# WORK TASK
Would you give the number of lines in the entries that contain the word "surface"? Nothing else is needed.

[Items listed in a dataset]

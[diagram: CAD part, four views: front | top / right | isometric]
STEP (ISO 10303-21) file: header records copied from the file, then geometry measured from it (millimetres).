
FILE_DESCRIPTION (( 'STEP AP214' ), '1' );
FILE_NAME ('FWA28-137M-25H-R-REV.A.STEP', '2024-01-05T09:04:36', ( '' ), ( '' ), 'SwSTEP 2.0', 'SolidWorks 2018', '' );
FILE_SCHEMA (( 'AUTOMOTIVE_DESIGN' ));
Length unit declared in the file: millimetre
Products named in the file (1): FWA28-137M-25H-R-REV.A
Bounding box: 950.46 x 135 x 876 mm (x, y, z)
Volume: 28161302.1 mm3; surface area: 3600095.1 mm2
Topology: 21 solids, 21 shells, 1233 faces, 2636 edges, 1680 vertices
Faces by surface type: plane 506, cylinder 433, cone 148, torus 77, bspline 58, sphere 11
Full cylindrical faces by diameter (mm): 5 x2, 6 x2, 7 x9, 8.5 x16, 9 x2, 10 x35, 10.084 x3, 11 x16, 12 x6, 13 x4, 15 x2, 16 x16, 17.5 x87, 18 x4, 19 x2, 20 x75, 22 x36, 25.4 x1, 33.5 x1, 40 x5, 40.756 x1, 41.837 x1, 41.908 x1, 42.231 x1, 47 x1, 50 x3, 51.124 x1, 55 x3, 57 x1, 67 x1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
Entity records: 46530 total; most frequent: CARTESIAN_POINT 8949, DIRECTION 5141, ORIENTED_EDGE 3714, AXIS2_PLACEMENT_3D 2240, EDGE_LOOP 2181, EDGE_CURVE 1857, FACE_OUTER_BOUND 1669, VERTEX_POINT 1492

# SOLUTION
2